Listing, counting coefficients of unique Mongo DB values ​​for all keys

I am preparing a descriptive "schema" (quelle horreur) for MongoDB, with which I worked.

I used the excellent variant.js to create a list of all the keys and show the coverage of each key. However, in cases where the values ​​corresponding to the keys have a small set of values, I would like to be able to list the entire set as "available values". In R, I would consider them as “factors” for a categorical variable, i.e.

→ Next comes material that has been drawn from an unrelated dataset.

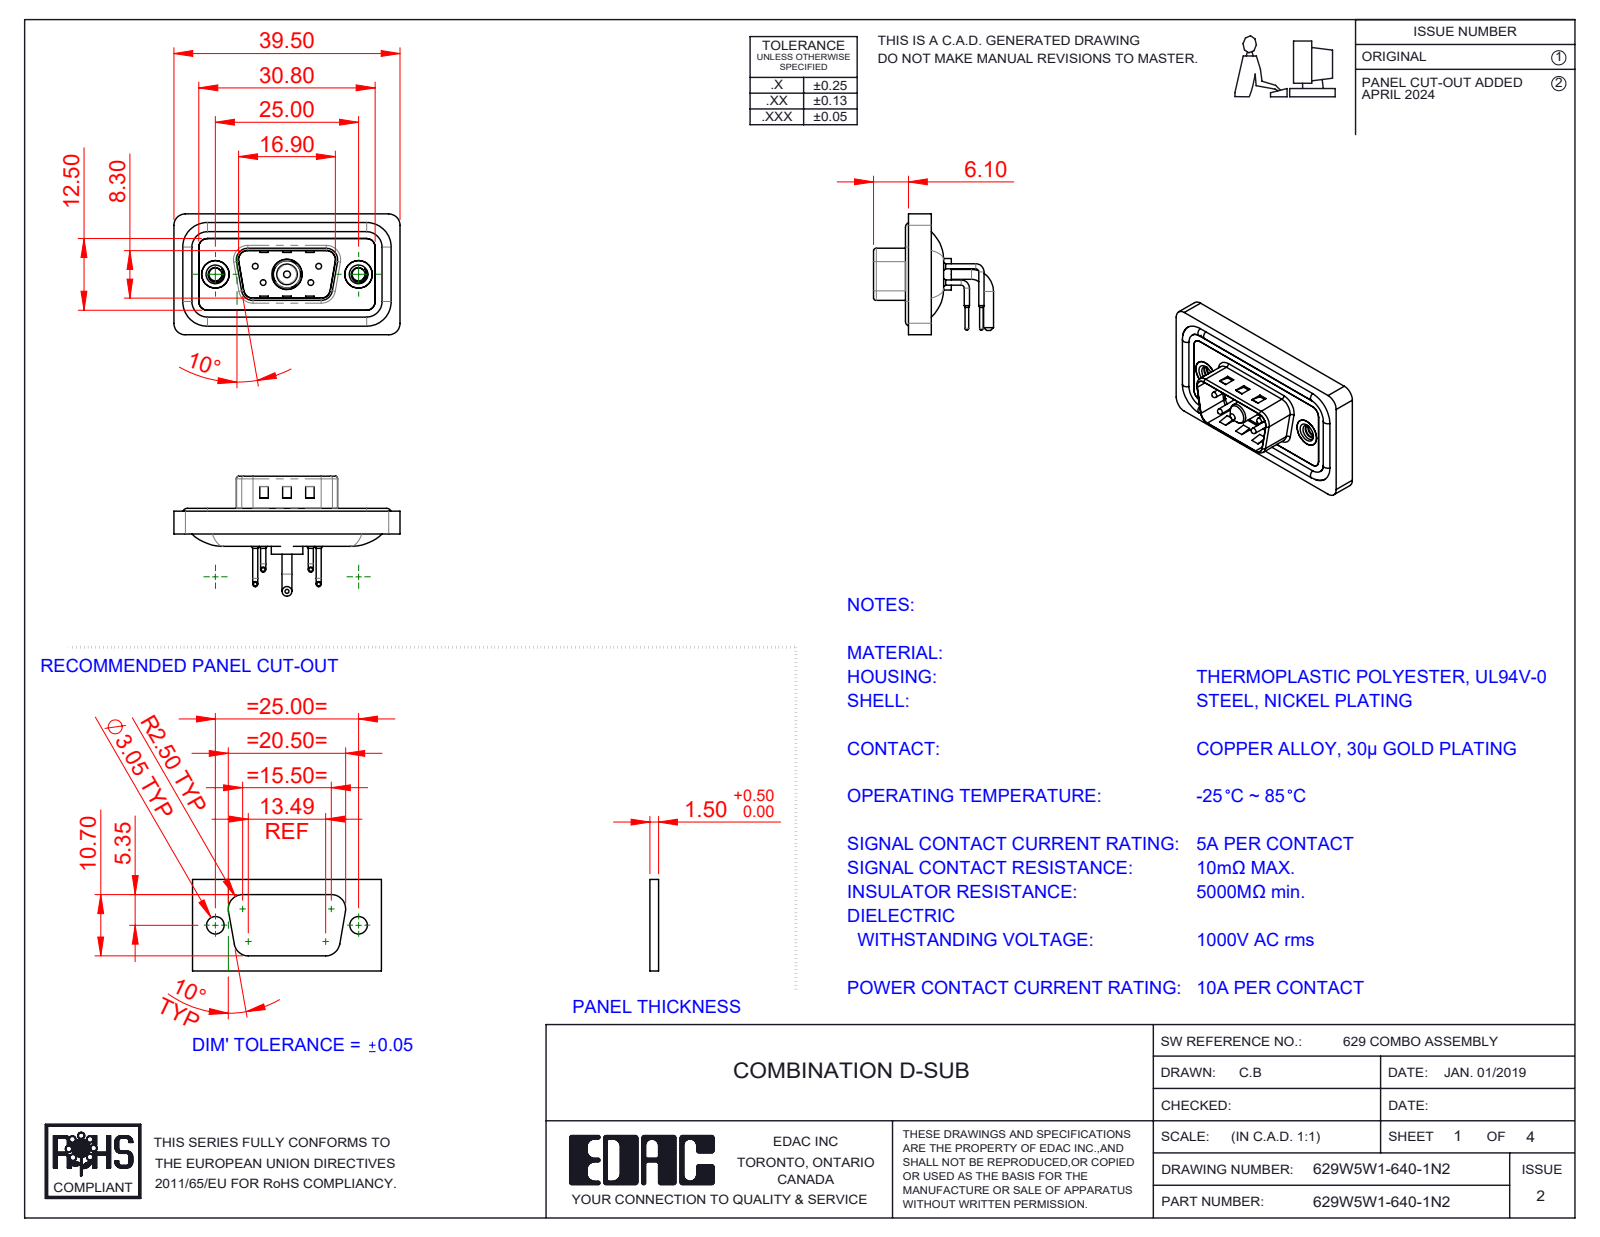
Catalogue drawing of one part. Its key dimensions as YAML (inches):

Gender: ["M", "F"].

I know that I can just use R + RMongo, query each variable and basically do the same procedure that I would like to create a histogram, but I would like to know a suitable Mongo.query () / javascript / Map, Reduce way to approach to this. I understand that the db.collection.aggregate () functions are just for that.

Before asking for this, I indicated:

But he cannot get the correct piping order. So, for example, if I have such documents:

{_id : 1, "key1" : "value1", "key2": "value3"} {_id : 2, "key1" : "value2", "key2": "value3"} 

I would like to return something like:

 {"key1" : ["value1", "value2"]} {"key2" : ["value3"]} 

Or better, with scores:

 {"key1" : ["value1" : 1, "value2" : 1]} {"key2" : ["value3" : 2]} 

I admit that one of the problems is that these will be any values ​​that have a wide range of different meanings - like text fields or continuous variables. Ideally, if there were more than x different possible values, it would be nice to truncate, say, no more than 20 unique values. If I actually find this more, I would request this variable directly.

This is something like:

 db.collection.aggregate( {$limit: 20, $group: { _id: "$??varname", count: {$sum: 1} }}) 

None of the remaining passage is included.